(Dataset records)
○ ○ ○

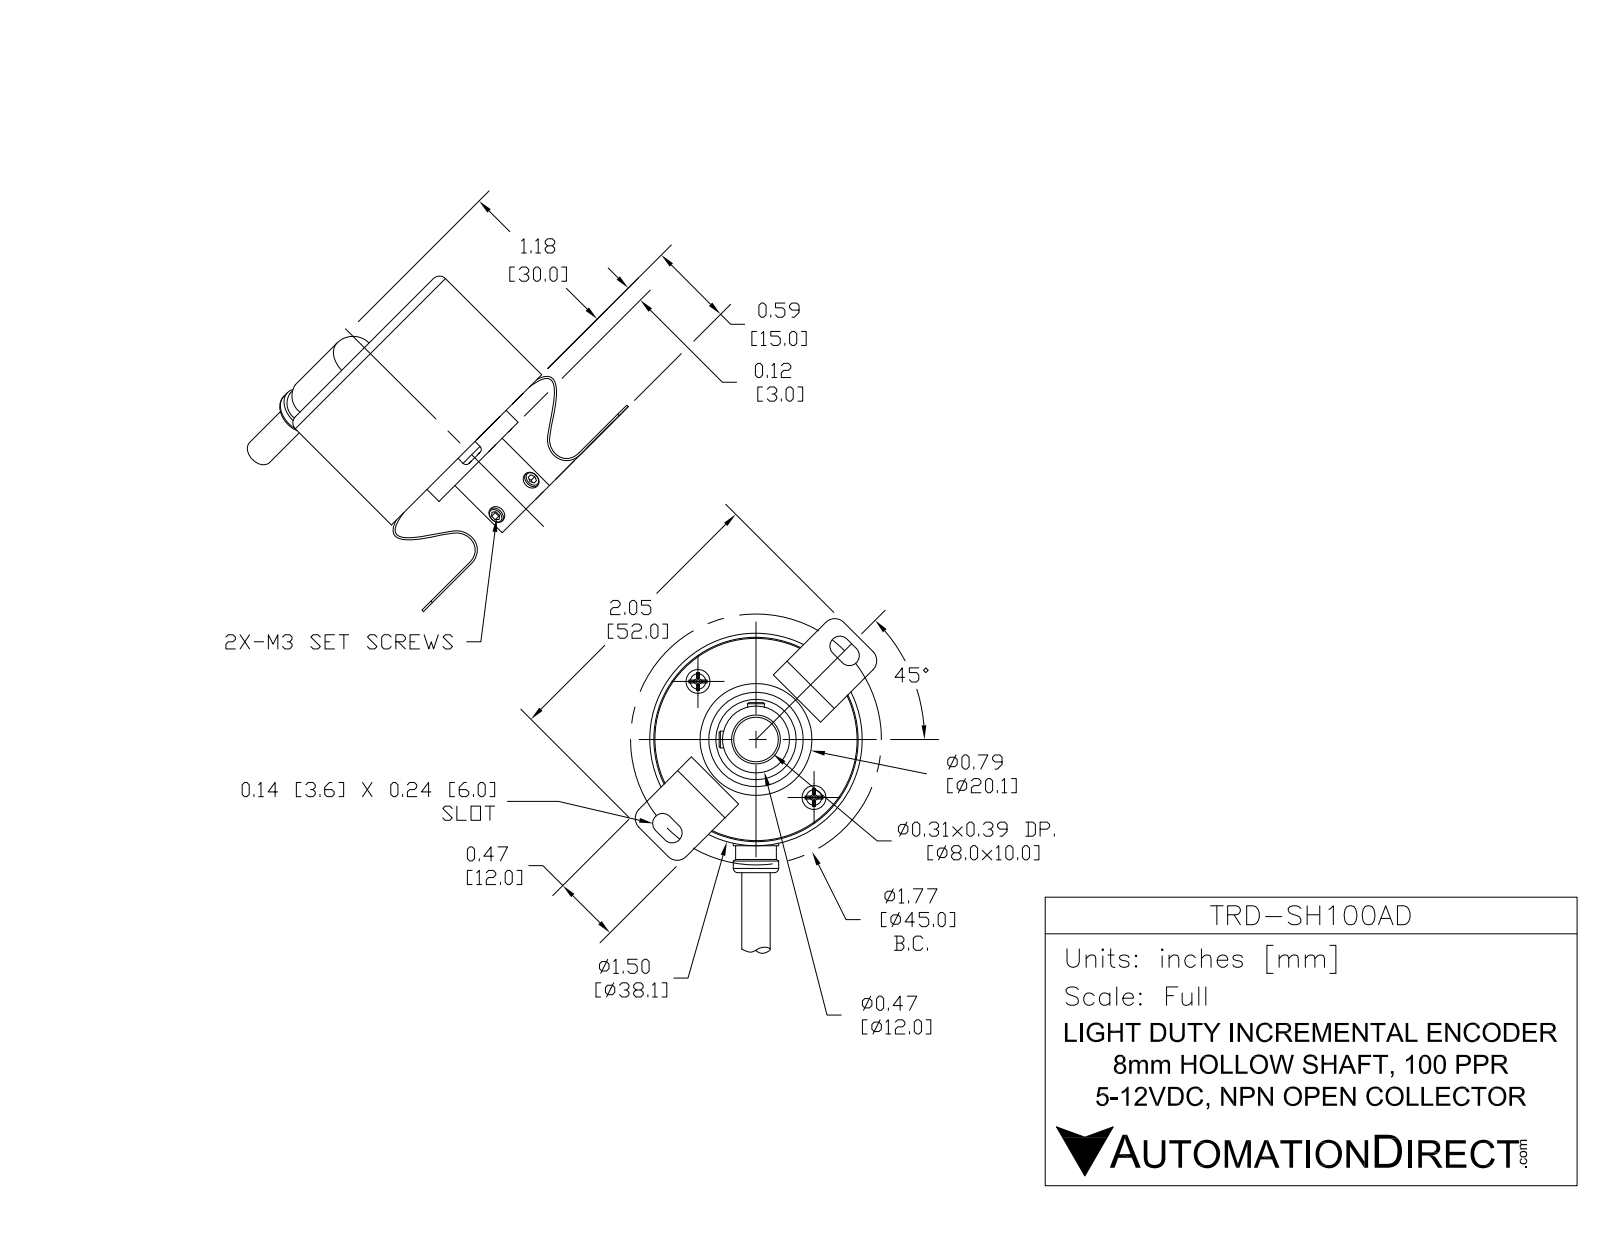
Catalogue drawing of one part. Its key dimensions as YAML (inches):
part_name: "TRD-SH-100"
step_written_by: "SolidWorks 2016 (AUTOMOTIVE_DESIGN)"
units: inches
bodies: {solids: 11, faces: 322, planar: 169, cylindrical: 101, other: 52}
overall_size: [3.952, 1.772, 1.684]
volume: 2.043
surface_area: 17.32
round_holes:
  - {diameter: 0.126, count: 5}
  - {diameter: 0.098, count: 2}
  - {diameter: 0.315, count: 1}
  - {diameter: 0.791, count: 1}
round_bosses_or_shafts:
  - {diameter: 0.118, count: 5}
  - {diameter: 1.496, count: 1}
  - {diameter: 0.787, count: 1}
  - {diameter: 0.591, count: 1}
  - {diameter: 0.472, count: 1}
  - {diameter: 0.299, count: 1}
  - {diameter: 0.197, count: 1}
  - {diameter: 0.134, count: 1}
partial_cylinders:
  - {radius: 0.039, count: 6}
  - {radius: 0.118, count: 5}
  - {radius: 0.03, count: 4}
  - {radius: 0.071, count: 4}
  - {radius: 0.087, count: 4}
  - {radius: 0.098, count: 4}
  - {radius: 0.031, count: 2}
  - {radius: 0.146, count: 2}
face_to_face_distances: [1.024, 0.579, 1.035, 0.591, 1.614, 1.602, 0.567, 0.118, 1.142, 0.106]
hole_center_spacings: [0.551, 0.78, 0.955, 0.285, 0.285, 0.954, 1.065, 1.065]
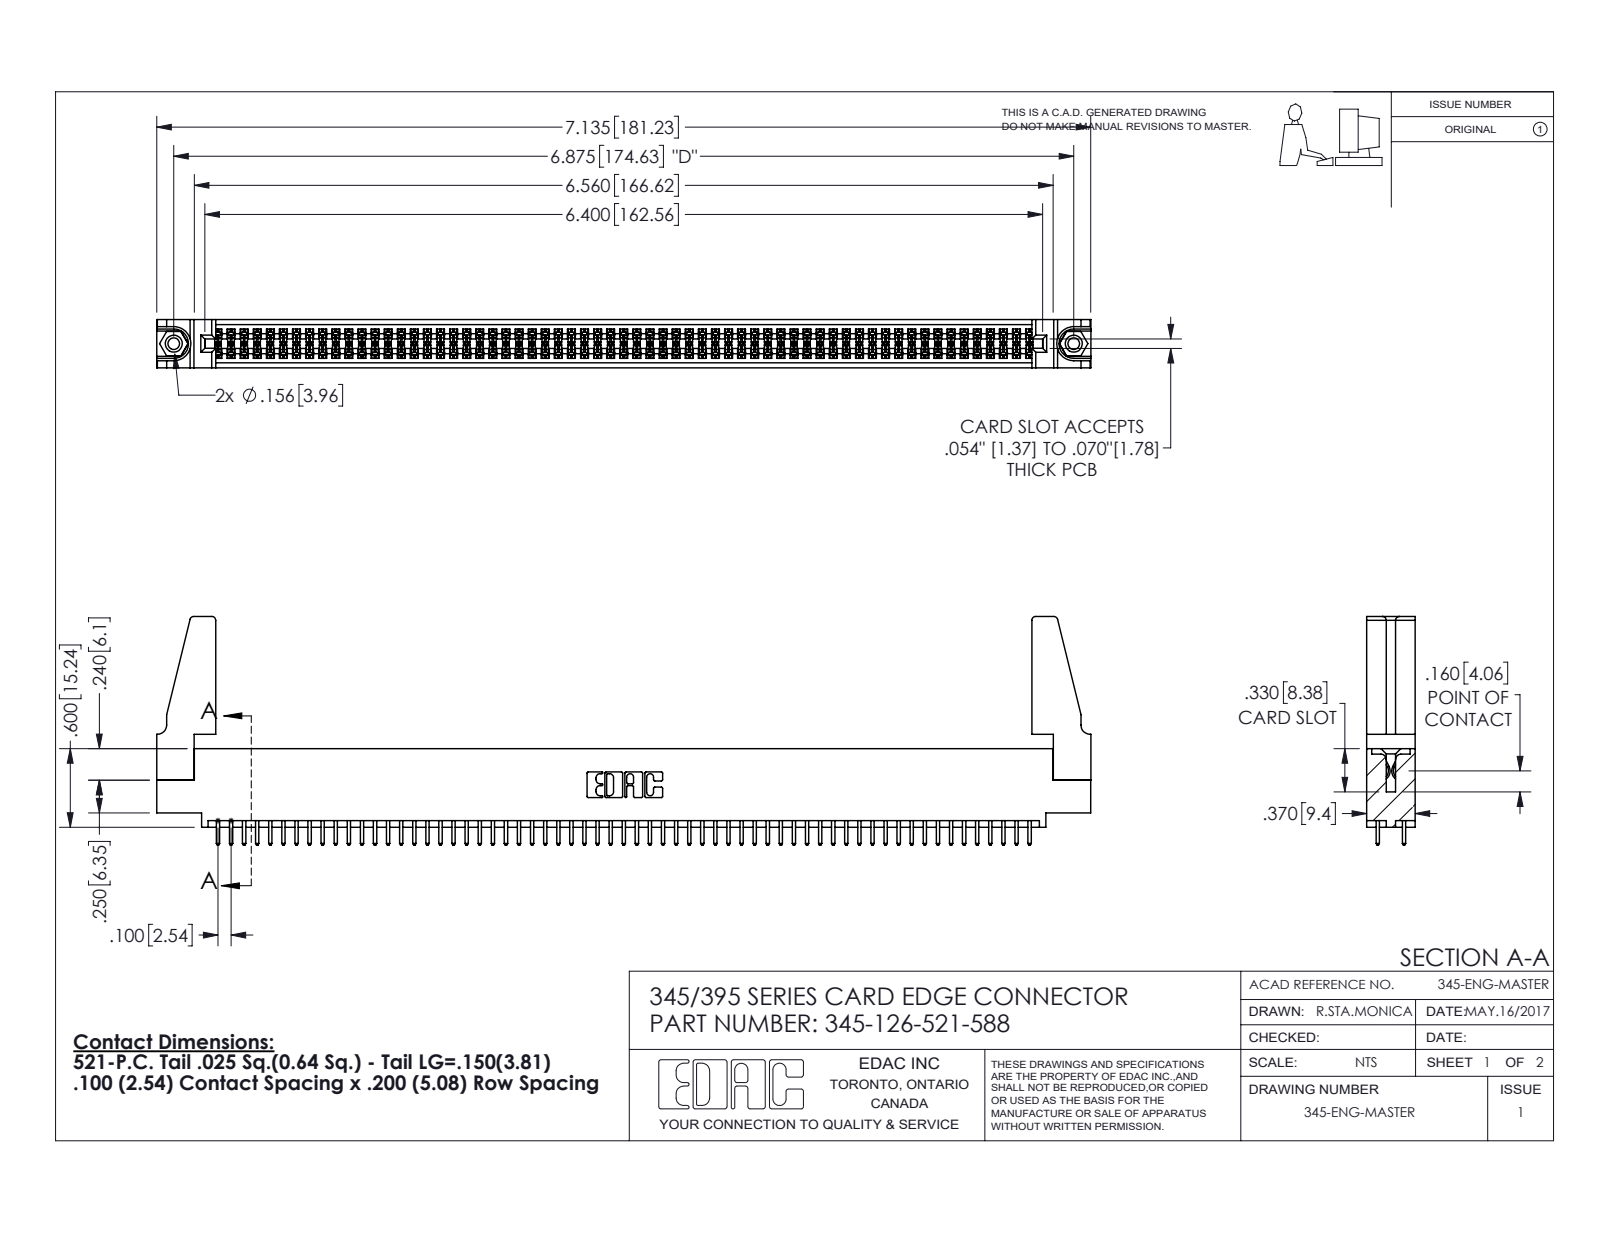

○ ○ ○

■ **What to do**
Only lines holding the word "inches" are wanted, so copy each of them from the records above.

■ **Solution to this exercise**
Catalogue drawing of one part. Its key dimensions as YAML (inches):
units: inches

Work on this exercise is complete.